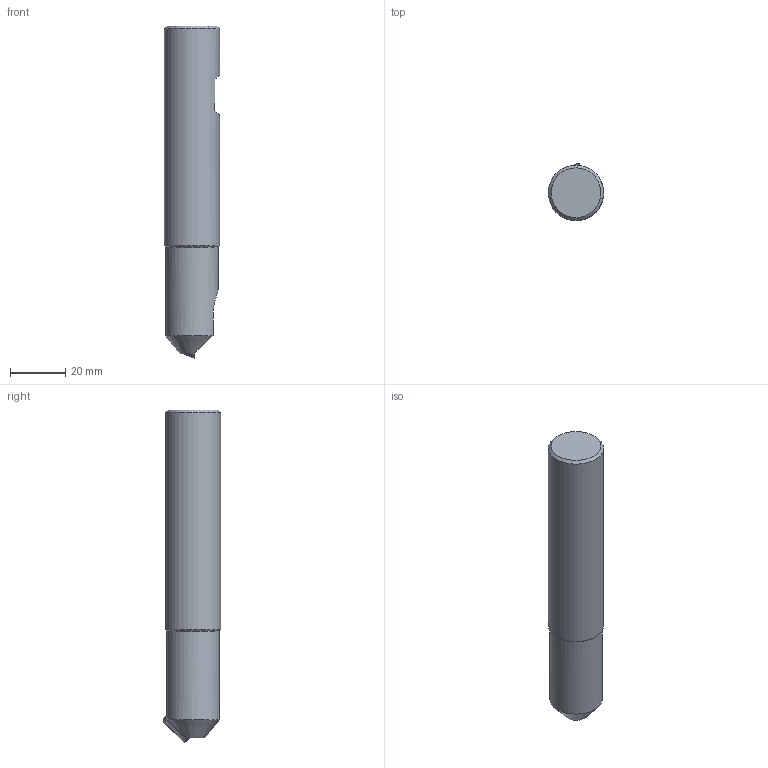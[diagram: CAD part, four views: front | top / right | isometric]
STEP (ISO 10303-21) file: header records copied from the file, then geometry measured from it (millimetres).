
FILE_DESCRIPTION(/* description */ (''),/* implementation_level */ '2;1');
FILE_NAME(/* name */ 'CE45-1107R-S20-HAAS.stp',/* time_stamp */ '2021-09-24T12:09:59+09:00',/* author */ (''),/* organization */ (''),/* preprocessor_version */ 'ST-DEVELOPER v11',/* originating_system */ 'SIEMENS UGS NX 6.0',/* authorisation */ '');
FILE_SCHEMA (('CONFIG_CONTROL_DESIGN'));
Length unit declared in the file: millimetre
Products named in the file (1): userF260wybv
Bounding box: 20 x 20.86 x 120 mm (x, y, z)
Volume: 33146.6 mm3; surface area: 8084.5 mm2
Topology: 2 solids, 2 shells, 56 faces, 127 edges, 76 vertices
Faces by surface type: plane 29, bspline 12, cylinder 7, cone 7, torus 1
Full cylindrical faces by diameter (mm): 6.2 x1, 19 x1, 20 x1
Entity records: 1711 total; most frequent: CARTESIAN_POINT 493, ORIENTED_EDGE 238, DIRECTION 222, EDGE_CURVE 119, AXIS2_PLACEMENT_3D 82, VERTEX_POINT 73, EDGE_LOOP 64, LINE 58
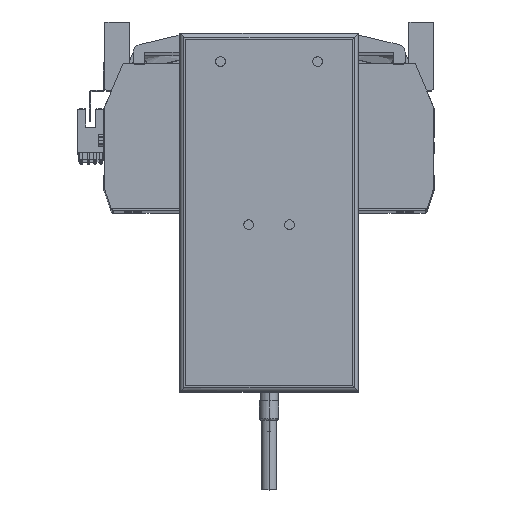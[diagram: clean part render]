
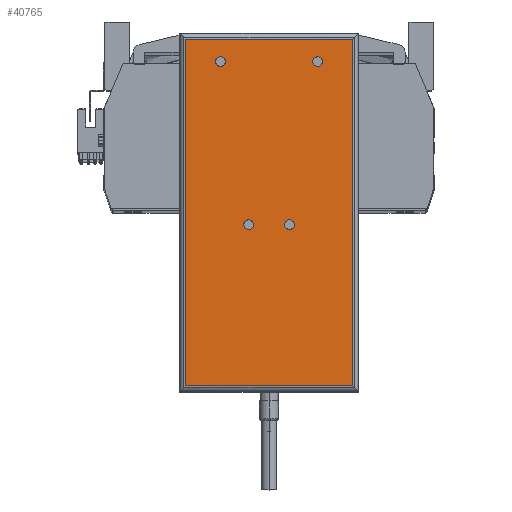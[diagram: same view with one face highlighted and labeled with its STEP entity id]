
A CAD part, top view. The second image highlights one B-rep face of the part: STEP entity #40765.
In plain terms, the highlighted planar face has unit normal (0, 0, 1) as drawn and (0, 0, -1) by its records, which use the part's own axes.
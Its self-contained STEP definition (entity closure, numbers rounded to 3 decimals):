
#709 = ORIENTED_EDGE ( 'NONE', *, *, #14547, .T. ) ;
#893 = DIRECTION ( 'NONE',  ( -1., 0., 0. ) ) ;
#1132 = CIRCLE ( 'NONE', #26712, 2.5 ) ;
#1214 = AXIS2_PLACEMENT_3D ( 'NONE', #40144, #48392, #24093 ) ;
#1982 = AXIS2_PLACEMENT_3D ( 'NONE', #37091, #12499, #893 ) ;
#2182 = CARTESIAN_POINT ( 'NONE',  ( 43., -92.25, 0. ) ) ;
#2919 = VERTEX_POINT ( 'NONE', #47113 ) ;
#2967 = DIRECTION ( 'NONE',  ( -1., 0., 0. ) ) ;
#3722 = CARTESIAN_POINT ( 'NONE',  ( 22.5, 77.75, 0. ) ) ;
#4024 = DIRECTION ( 'NONE',  ( 0., 0., 1. ) ) ;
#4129 = VERTEX_POINT ( 'NONE', #11169 ) ;
#4296 = AXIS2_PLACEMENT_3D ( 'NONE', #33441, #17200, #37644 ) ;
#4484 = DIRECTION ( 'NONE',  ( 0., 0., -1. ) ) ;
#5541 = DIRECTION ( 'NONE',  ( 0., 0., -1. ) ) ;
#5725 = ORIENTED_EDGE ( 'NONE', *, *, #18653, .F. ) ;
#6360 = ORIENTED_EDGE ( 'NONE', *, *, #22027, .T. ) ;
#6683 = VERTEX_POINT ( 'NONE', #22163 ) ;
#6748 = EDGE_CURVE ( 'NONE', #10297, #30326, #47425, .T. ) ;
#7091 = EDGE_CURVE ( 'NONE', #35369, #12105, #40969, .T. ) ;
#7281 = ORIENTED_EDGE ( 'NONE', *, *, #49227, .F. ) ;
#8962 = CARTESIAN_POINT ( 'NONE',  ( -43., 89.25, 0. ) ) ;
#8974 = CARTESIAN_POINT ( 'NONE',  ( -25., 77.75, 0. ) ) ;
#9815 = CARTESIAN_POINT ( 'NONE',  ( -10.5, -6.25, 0. ) ) ;
#10253 = EDGE_CURVE ( 'NONE', #21118, #51768, #32013, .T. ) ;
#10297 = VERTEX_POINT ( 'NONE', #8962 ) ;
#10463 = ORIENTED_EDGE ( 'NONE', *, *, #41510, .F. ) ;
#11137 = CIRCLE ( 'NONE', #4296, 2.5 ) ;
#11169 = CARTESIAN_POINT ( 'NONE',  ( -43., -89.25, 0. ) ) ;
#12105 = VERTEX_POINT ( 'NONE', #3722 ) ;
#12244 = CIRCLE ( 'NONE', #26232, 2.5 ) ;
#12499 = DIRECTION ( 'NONE',  ( 0., 0., -1. ) ) ;
#12594 = CIRCLE ( 'NONE', #1214, 2.5 ) ;
#13568 = VECTOR ( 'NONE', #30002, 1000. ) ;
#13628 = CARTESIAN_POINT ( 'NONE',  ( 25., 77.75, 0. ) ) ;
#14009 = EDGE_LOOP ( 'NONE', ( #25615, #6360, #709, #21270 ) ) ;
#14547 = EDGE_CURVE ( 'NONE', #4129, #10297, #25153, .T. ) ;
#14636 = LINE ( 'NONE', #43189, #36439 ) ;
#14659 = AXIS2_PLACEMENT_3D ( 'NONE', #47439, #4024, #23480 ) ;
#14894 = CIRCLE ( 'NONE', #17726, 2.5 ) ;
#15963 = AXIS2_PLACEMENT_3D ( 'NONE', #8974, #21073, #49024 ) ;
#16340 = CIRCLE ( 'NONE', #15963, 2.5 ) ;
#16533 = EDGE_CURVE ( 'NONE', #36565, #36338, #12594, .T. ) ;
#17200 = DIRECTION ( 'NONE',  ( 0., 0., -1. ) ) ;
#17456 = CARTESIAN_POINT ( 'NONE',  ( 27.5, 77.75, 0. ) ) ;
#17620 = DIRECTION ( 'NONE',  ( -1., 0., 0. ) ) ;
#17726 = AXIS2_PLACEMENT_3D ( 'NONE', #13628, #5541, #17620 ) ;
#17886 = DIRECTION ( 'NONE',  ( -1., 0., 0. ) ) ;
#18653 = EDGE_CURVE ( 'NONE', #36338, #36565, #11137, .T. ) ;
#18688 = FACE_BOUND ( 'NONE', #38225, .T. ) ;
#19446 = PLANE ( 'NONE',  #14659 ) ;
#21073 = DIRECTION ( 'NONE',  ( 0., 0., -1. ) ) ;
#21118 = VERTEX_POINT ( 'NONE', #38923 ) ;
#21270 = ORIENTED_EDGE ( 'NONE', *, *, #6748, .T. ) ;
#21406 = CARTESIAN_POINT ( 'NONE',  ( 25., 77.75, 0. ) ) ;
#21473 = CARTESIAN_POINT ( 'NONE',  ( -43., -92.25, 0. ) ) ;
#22027 = EDGE_CURVE ( 'NONE', #51678, #4129, #14636, .T. ) ;
#22163 = CARTESIAN_POINT ( 'NONE',  ( -27.5, 77.75, 0. ) ) ;
#23480 = DIRECTION ( 'NONE',  ( 1., 0., 0. ) ) ;
#24093 = DIRECTION ( 'NONE',  ( -1., 0., 0. ) ) ;
#24942 = FACE_BOUND ( 'NONE', #33077, .T. ) ;
#25153 = LINE ( 'NONE', #21473, #32671 ) ;
#25615 = ORIENTED_EDGE ( 'NONE', *, *, #48872, .T. ) ;
#26166 = FACE_OUTER_BOUND ( 'NONE', #14009, .T. ) ;
#26232 = AXIS2_PLACEMENT_3D ( 'NONE', #32133, #4484, #28423 ) ;
#26712 = AXIS2_PLACEMENT_3D ( 'NONE', #9815, #41994, #17886 ) ;
#28161 = ORIENTED_EDGE ( 'NONE', *, *, #16533, .F. ) ;
#28423 = DIRECTION ( 'NONE',  ( -1., 0., 0. ) ) ;
#30002 = DIRECTION ( 'NONE',  ( 1., 0., 0. ) ) ;
#30326 = VERTEX_POINT ( 'NONE', #35274 ) ;
#32013 = CIRCLE ( 'NONE', #1982, 2.5 ) ;
#32133 = CARTESIAN_POINT ( 'NONE',  ( -25., 77.75, 0. ) ) ;
#32168 = ORIENTED_EDGE ( 'NONE', *, *, #7091, .F. ) ;
#32611 = VECTOR ( 'NONE', #34362, 1000. ) ;
#32671 = VECTOR ( 'NONE', #49804, 1000. ) ;
#33077 = EDGE_LOOP ( 'NONE', ( #28161, #5725 ) ) ;
#33441 = CARTESIAN_POINT ( 'NONE',  ( 10.5, -6.25, 0. ) ) ;
#33528 = EDGE_LOOP ( 'NONE', ( #10463, #32168 ) ) ;
#34362 = DIRECTION ( 'NONE',  ( 0., -1., 0. ) ) ;
#34723 = ORIENTED_EDGE ( 'NONE', *, *, #10253, .F. ) ;
#35274 = CARTESIAN_POINT ( 'NONE',  ( 43., 89.25, 0. ) ) ;
#35369 = VERTEX_POINT ( 'NONE', #17456 ) ;
#35861 = CARTESIAN_POINT ( 'NONE',  ( 13., -6.25, 0. ) ) ;
#36338 = VERTEX_POINT ( 'NONE', #35861 ) ;
#36439 = VECTOR ( 'NONE', #2967, 1000. ) ;
#36565 = VERTEX_POINT ( 'NONE', #45810 ) ;
#36897 = CARTESIAN_POINT ( 'NONE',  ( 43., -89.25, 0. ) ) ;
#37058 = AXIS2_PLACEMENT_3D ( 'NONE', #21406, #49557, #49380 ) ;
#37091 = CARTESIAN_POINT ( 'NONE',  ( -10.5, -6.25, 0. ) ) ;
#37222 = EDGE_CURVE ( 'NONE', #2919, #6683, #12244, .T. ) ;
#37644 = DIRECTION ( 'NONE',  ( -1., 0., 0. ) ) ;
#38225 = EDGE_LOOP ( 'NONE', ( #7281, #42103 ) ) ;
#38923 = CARTESIAN_POINT ( 'NONE',  ( -13., -6.25, 0. ) ) ;
#40144 = CARTESIAN_POINT ( 'NONE',  ( 10.5, -6.25, 0. ) ) ;
#40578 = FACE_BOUND ( 'NONE', #47009, .T. ) ;
#40765 = ADVANCED_FACE ( 'NONE', ( #26166, #40578, #24942, #18688, #51277 ), #19446, .F. ) ;
#40969 = CIRCLE ( 'NONE', #37058, 2.5 ) ;
#41510 = EDGE_CURVE ( 'NONE', #12105, #35369, #14894, .T. ) ;
#41994 = DIRECTION ( 'NONE',  ( 0., 0., -1. ) ) ;
#42103 = ORIENTED_EDGE ( 'NONE', *, *, #37222, .F. ) ;
#43189 = CARTESIAN_POINT ( 'NONE',  ( -46., -89.25, 0. ) ) ;
#44767 = ORIENTED_EDGE ( 'NONE', *, *, #51752, .F. ) ;
#45810 = CARTESIAN_POINT ( 'NONE',  ( 8., -6.25, 0. ) ) ;
#47009 = EDGE_LOOP ( 'NONE', ( #34723, #44767 ) ) ;
#47113 = CARTESIAN_POINT ( 'NONE',  ( -22.5, 77.75, 0. ) ) ;
#47425 = LINE ( 'NONE', #49627, #13568 ) ;
#47439 = CARTESIAN_POINT ( 'NONE',  ( -46., -92.25, 0. ) ) ;
#47644 = LINE ( 'NONE', #2182, #32611 ) ;
#48392 = DIRECTION ( 'NONE',  ( 0., 0., -1. ) ) ;
#48872 = EDGE_CURVE ( 'NONE', #30326, #51678, #47644, .T. ) ;
#49024 = DIRECTION ( 'NONE',  ( -1., 0., 0. ) ) ;
#49227 = EDGE_CURVE ( 'NONE', #6683, #2919, #16340, .T. ) ;
#49380 = DIRECTION ( 'NONE',  ( -1., 0., 0. ) ) ;
#49557 = DIRECTION ( 'NONE',  ( 0., 0., -1. ) ) ;
#49627 = CARTESIAN_POINT ( 'NONE',  ( -46., 89.25, 0. ) ) ;
#49725 = CARTESIAN_POINT ( 'NONE',  ( -8., -6.25, 0. ) ) ;
#49804 = DIRECTION ( 'NONE',  ( 0., 1., 0. ) ) ;
#51277 = FACE_BOUND ( 'NONE', #33528, .T. ) ;
#51678 = VERTEX_POINT ( 'NONE', #36897 ) ;
#51752 = EDGE_CURVE ( 'NONE', #51768, #21118, #1132, .T. ) ;
#51768 = VERTEX_POINT ( 'NONE', #49725 ) ;
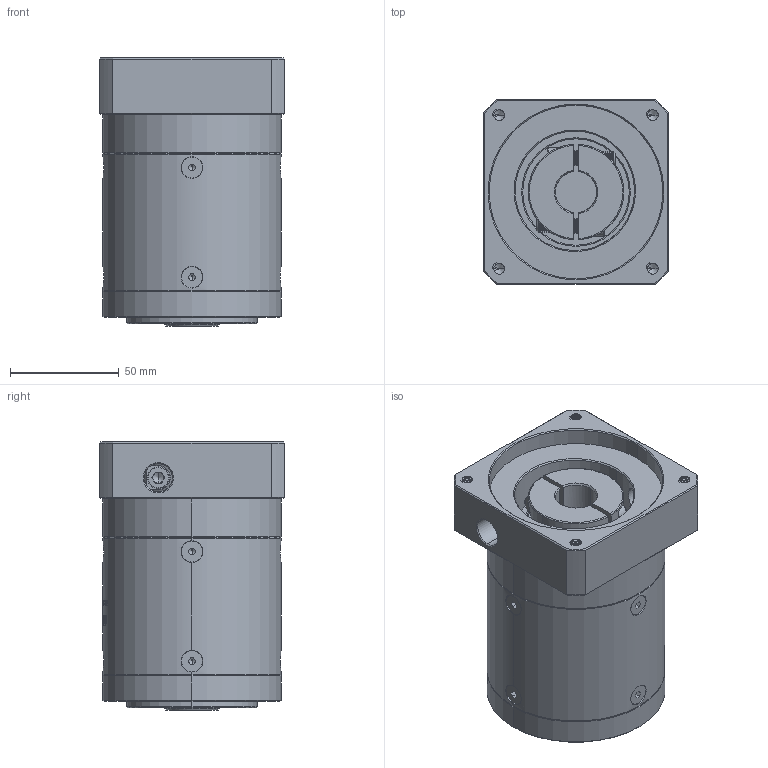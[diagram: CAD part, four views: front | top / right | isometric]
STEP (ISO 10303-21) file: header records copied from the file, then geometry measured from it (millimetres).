
FILE_DESCRIPTION (( 'STEP AP214' ), '1' );
FILE_NAME ('ZE80-K15-L2-19-80-100-M6.step', '2022-05-08T05:58:07', ( '' ), ( 'Microsoft' ), 'SwSTEP 2.0', 'SolidWorks 2016', '' );
FILE_SCHEMA (( 'AUTOMOTIVE_DESIGN' ));
Length unit declared in the file: millimetre
Products named in the file (1): ZE80-K15-L2-19-80-100-M6
Bounding box: 85 x 85 x 123.5 mm (x, y, z)
Volume: 594561.4 mm3; surface area: 89031.3 mm2
Topology: 13 solids, 13 shells, 2015 faces, 5250 edges, 3323 vertices
Faces by surface type: plane 884, cylinder 473, bspline 322, cone 319, torus 17
Entity records: 112194 total; most frequent: CARTESIAN_POINT 44768, ORIENTED_EDGE 10428, DIRECTION 8045, EDGE_CURVE 5214, VERTEX_POINT 3323, LINE 2815, VECTOR 2815, AXIS2_PLACEMENT_3D 2615

■ **What to work on**
Transcribe exactly each line of the records from the start up to and including the one with "FILE_DESCRIPTION(/* description */", and leave out every picture.

■ **Expected answer**
[diagram: CAD part, four views: front | top / right | isometric]
STEP (ISO 10303-21) file: header records copied from the file, then geometry measured from it (millimetres).
FILE_DESCRIPTION(/* description */ (''),/* implementation_level */ '2;1');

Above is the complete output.